Entries taken from a collection
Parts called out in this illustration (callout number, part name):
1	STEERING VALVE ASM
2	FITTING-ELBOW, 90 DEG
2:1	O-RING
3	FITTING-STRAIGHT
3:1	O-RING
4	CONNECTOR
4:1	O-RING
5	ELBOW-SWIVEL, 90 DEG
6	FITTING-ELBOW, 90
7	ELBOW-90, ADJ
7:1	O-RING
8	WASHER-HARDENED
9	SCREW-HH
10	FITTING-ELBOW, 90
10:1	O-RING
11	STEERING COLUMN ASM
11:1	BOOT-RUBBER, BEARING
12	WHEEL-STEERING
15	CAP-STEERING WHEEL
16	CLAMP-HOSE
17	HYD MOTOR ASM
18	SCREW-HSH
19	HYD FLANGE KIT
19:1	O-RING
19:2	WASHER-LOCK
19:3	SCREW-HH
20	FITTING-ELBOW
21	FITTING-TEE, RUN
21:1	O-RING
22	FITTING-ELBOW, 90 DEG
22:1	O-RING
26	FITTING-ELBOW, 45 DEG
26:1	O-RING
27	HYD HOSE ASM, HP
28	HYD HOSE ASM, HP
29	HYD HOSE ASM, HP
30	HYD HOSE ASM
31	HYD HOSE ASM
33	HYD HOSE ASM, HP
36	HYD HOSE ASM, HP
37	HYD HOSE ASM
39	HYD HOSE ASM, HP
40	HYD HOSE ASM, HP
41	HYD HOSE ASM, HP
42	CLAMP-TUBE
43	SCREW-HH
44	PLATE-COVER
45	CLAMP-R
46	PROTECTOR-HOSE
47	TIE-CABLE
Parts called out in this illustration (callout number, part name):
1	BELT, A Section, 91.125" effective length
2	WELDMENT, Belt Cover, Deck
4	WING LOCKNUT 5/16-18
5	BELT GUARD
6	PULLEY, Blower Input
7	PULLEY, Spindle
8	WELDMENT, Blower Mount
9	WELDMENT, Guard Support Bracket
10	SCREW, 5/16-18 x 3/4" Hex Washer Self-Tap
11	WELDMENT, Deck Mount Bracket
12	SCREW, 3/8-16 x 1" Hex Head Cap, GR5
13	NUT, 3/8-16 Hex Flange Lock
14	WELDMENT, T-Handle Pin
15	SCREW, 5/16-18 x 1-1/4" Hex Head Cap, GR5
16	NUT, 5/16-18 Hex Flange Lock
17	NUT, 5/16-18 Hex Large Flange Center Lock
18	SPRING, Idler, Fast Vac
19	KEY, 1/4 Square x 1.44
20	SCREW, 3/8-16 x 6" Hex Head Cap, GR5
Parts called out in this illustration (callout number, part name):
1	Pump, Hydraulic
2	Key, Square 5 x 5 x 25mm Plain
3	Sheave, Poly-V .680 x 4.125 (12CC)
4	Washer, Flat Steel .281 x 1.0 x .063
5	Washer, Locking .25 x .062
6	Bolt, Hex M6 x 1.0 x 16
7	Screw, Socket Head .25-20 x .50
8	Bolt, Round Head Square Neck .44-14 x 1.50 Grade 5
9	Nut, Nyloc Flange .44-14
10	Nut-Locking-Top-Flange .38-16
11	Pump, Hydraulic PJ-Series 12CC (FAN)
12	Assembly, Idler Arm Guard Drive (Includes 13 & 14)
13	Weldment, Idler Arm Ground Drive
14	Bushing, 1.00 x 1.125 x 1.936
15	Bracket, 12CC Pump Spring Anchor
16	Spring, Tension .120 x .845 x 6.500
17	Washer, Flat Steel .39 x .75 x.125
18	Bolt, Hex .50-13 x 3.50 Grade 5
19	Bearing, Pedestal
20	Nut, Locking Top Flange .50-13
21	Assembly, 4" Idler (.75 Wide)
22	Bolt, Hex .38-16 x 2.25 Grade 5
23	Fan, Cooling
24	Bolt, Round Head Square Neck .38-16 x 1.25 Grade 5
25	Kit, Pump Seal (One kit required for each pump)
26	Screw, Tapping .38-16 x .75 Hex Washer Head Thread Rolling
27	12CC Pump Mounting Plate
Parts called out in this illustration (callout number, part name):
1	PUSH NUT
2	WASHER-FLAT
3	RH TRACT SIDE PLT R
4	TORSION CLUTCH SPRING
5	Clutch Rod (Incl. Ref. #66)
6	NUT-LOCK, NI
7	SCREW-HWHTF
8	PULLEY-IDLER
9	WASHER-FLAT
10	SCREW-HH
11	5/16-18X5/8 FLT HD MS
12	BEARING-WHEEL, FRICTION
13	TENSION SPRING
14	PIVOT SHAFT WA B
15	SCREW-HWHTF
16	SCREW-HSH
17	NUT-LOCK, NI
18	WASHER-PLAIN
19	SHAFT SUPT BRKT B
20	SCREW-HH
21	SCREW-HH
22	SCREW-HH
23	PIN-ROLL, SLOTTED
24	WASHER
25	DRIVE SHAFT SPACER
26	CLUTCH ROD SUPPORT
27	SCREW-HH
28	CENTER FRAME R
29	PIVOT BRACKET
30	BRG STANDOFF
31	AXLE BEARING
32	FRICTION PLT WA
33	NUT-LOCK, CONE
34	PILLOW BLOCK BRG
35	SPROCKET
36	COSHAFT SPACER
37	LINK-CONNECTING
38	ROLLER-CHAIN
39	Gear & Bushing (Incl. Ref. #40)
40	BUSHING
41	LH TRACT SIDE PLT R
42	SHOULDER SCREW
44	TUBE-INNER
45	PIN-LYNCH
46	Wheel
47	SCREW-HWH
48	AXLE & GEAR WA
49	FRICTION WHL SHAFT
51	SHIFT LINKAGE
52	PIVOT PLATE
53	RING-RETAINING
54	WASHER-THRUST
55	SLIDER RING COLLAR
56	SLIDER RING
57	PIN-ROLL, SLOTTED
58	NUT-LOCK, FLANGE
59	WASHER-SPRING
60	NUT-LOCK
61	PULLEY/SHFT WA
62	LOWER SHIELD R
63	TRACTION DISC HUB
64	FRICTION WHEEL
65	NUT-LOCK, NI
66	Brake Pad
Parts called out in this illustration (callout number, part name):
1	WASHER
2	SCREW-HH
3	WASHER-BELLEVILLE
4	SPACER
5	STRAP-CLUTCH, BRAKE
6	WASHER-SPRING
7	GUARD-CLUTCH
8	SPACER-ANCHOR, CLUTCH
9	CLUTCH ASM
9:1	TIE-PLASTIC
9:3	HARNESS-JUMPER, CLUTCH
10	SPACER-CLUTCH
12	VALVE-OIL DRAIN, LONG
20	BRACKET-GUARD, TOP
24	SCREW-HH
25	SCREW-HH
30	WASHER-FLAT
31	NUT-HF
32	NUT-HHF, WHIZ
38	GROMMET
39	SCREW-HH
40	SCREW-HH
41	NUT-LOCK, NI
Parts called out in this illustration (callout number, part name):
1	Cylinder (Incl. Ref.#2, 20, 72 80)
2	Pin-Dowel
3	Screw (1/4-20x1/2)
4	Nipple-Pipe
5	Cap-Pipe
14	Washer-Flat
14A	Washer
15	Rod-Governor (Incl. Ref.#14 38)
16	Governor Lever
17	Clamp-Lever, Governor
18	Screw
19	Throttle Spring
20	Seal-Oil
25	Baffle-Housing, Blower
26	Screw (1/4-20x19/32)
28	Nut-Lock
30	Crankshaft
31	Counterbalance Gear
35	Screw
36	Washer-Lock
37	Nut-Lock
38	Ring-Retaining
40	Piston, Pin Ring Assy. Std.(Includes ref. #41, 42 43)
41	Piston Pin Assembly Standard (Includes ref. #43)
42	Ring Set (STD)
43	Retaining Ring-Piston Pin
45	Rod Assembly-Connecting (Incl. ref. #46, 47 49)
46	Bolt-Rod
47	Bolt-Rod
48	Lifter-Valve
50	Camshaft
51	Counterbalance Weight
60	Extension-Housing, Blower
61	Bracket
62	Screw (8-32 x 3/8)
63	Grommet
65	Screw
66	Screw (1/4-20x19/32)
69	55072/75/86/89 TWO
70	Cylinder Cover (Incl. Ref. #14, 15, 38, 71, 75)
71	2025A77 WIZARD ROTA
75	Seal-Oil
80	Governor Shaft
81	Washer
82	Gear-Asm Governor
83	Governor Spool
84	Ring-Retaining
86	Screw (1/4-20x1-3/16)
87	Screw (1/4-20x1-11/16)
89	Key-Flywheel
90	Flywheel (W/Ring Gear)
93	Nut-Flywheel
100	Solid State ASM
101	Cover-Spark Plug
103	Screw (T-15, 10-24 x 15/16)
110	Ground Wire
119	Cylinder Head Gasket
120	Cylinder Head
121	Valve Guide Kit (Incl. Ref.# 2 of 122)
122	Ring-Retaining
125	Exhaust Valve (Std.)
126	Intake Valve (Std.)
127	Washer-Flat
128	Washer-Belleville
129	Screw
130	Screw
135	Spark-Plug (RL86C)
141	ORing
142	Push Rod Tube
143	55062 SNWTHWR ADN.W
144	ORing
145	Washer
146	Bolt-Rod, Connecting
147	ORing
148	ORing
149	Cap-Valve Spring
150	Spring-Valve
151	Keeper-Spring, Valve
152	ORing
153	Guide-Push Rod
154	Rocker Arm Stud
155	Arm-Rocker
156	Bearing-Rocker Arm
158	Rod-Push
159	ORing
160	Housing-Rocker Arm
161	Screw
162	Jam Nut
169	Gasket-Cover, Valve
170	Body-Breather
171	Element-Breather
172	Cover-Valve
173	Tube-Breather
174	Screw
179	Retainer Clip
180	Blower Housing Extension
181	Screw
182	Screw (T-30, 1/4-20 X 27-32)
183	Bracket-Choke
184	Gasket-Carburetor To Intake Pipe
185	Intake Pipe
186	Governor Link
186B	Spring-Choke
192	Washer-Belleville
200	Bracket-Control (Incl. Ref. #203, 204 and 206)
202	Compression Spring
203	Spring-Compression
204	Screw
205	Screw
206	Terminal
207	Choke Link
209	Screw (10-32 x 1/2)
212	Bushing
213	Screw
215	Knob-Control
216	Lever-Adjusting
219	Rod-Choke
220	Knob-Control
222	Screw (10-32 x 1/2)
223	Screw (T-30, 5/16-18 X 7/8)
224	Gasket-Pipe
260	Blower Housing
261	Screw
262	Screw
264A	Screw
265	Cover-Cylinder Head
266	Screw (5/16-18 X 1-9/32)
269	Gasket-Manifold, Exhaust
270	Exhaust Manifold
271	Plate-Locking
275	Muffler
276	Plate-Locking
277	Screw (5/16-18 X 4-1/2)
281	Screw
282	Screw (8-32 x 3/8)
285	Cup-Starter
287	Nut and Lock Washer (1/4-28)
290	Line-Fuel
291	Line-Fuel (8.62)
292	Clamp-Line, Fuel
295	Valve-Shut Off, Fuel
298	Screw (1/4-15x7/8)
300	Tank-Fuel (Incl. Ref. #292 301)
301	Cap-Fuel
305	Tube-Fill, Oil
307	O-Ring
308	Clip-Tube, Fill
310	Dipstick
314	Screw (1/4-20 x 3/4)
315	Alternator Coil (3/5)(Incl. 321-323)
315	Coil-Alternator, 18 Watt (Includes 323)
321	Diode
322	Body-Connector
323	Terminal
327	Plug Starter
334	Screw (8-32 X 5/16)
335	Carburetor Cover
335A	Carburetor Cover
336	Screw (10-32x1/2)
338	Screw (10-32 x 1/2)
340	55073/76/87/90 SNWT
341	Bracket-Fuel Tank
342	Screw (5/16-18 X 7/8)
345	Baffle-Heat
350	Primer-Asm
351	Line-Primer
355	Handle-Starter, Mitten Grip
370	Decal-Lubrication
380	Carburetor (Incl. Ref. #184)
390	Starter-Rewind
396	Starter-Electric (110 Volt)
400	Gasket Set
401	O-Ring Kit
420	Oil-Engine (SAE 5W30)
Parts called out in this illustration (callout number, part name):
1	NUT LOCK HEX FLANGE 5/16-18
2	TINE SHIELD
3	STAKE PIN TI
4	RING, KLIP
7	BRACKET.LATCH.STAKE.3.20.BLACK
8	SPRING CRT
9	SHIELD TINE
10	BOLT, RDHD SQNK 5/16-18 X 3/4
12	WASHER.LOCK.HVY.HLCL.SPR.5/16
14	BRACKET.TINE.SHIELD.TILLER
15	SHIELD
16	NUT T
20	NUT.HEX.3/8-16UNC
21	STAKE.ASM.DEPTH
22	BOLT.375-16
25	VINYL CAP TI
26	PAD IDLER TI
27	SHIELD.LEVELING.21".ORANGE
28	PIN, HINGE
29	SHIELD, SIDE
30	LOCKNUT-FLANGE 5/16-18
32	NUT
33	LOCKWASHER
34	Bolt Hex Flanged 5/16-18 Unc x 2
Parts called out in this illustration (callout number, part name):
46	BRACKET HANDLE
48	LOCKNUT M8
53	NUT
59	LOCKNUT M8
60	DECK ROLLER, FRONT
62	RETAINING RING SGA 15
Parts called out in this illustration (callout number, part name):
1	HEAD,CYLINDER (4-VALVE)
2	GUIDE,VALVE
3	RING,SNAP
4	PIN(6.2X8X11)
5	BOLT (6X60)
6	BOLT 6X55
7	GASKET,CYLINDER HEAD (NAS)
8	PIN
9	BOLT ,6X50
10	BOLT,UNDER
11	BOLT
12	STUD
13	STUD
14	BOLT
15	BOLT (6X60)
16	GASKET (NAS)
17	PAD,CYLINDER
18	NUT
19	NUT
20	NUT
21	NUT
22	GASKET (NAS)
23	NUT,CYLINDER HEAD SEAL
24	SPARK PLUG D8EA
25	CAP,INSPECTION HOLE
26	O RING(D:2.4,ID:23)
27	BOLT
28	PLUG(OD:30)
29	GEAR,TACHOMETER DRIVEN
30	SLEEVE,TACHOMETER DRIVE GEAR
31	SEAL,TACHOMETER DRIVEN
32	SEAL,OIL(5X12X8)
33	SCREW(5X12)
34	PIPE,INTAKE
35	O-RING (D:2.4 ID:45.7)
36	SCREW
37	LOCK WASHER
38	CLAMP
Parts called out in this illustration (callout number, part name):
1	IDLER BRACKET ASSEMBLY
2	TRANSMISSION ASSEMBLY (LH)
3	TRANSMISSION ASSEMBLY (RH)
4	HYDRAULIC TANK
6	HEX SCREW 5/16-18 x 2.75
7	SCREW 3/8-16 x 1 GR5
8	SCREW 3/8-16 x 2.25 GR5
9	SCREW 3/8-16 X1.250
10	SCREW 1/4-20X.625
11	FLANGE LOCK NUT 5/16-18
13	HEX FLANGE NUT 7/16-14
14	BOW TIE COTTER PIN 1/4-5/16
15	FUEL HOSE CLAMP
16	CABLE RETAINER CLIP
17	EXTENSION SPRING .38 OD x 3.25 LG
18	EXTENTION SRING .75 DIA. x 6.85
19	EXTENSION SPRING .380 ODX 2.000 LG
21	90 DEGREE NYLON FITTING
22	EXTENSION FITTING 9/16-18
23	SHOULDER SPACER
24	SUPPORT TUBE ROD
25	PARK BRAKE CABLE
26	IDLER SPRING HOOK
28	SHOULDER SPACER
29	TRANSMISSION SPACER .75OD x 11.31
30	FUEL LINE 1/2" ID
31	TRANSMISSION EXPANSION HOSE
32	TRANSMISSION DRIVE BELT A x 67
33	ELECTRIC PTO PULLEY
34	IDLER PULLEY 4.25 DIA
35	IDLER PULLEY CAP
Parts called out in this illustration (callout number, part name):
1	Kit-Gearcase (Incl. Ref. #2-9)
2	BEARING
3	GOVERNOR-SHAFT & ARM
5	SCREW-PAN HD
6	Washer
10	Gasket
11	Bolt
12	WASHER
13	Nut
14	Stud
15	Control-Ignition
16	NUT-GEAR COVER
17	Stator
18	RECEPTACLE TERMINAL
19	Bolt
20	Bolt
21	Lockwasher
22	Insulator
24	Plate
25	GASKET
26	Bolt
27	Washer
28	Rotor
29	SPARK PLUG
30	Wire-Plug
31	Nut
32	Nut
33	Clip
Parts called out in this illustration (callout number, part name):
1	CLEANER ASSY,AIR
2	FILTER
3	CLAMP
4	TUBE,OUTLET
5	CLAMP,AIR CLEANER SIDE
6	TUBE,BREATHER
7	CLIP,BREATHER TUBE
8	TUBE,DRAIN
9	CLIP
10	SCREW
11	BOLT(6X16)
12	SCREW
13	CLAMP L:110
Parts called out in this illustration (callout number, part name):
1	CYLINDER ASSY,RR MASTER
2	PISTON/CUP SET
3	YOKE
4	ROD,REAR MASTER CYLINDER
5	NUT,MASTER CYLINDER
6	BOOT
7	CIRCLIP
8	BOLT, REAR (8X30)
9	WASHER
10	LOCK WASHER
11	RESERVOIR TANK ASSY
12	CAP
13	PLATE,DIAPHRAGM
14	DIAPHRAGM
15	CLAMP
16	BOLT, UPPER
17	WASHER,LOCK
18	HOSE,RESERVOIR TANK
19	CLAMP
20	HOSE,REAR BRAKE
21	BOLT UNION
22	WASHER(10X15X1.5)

Work task
Among the lines of the data, some contain the word "LOCKNUT". How many are there? Reply with the number alone.

Solution to this problem
4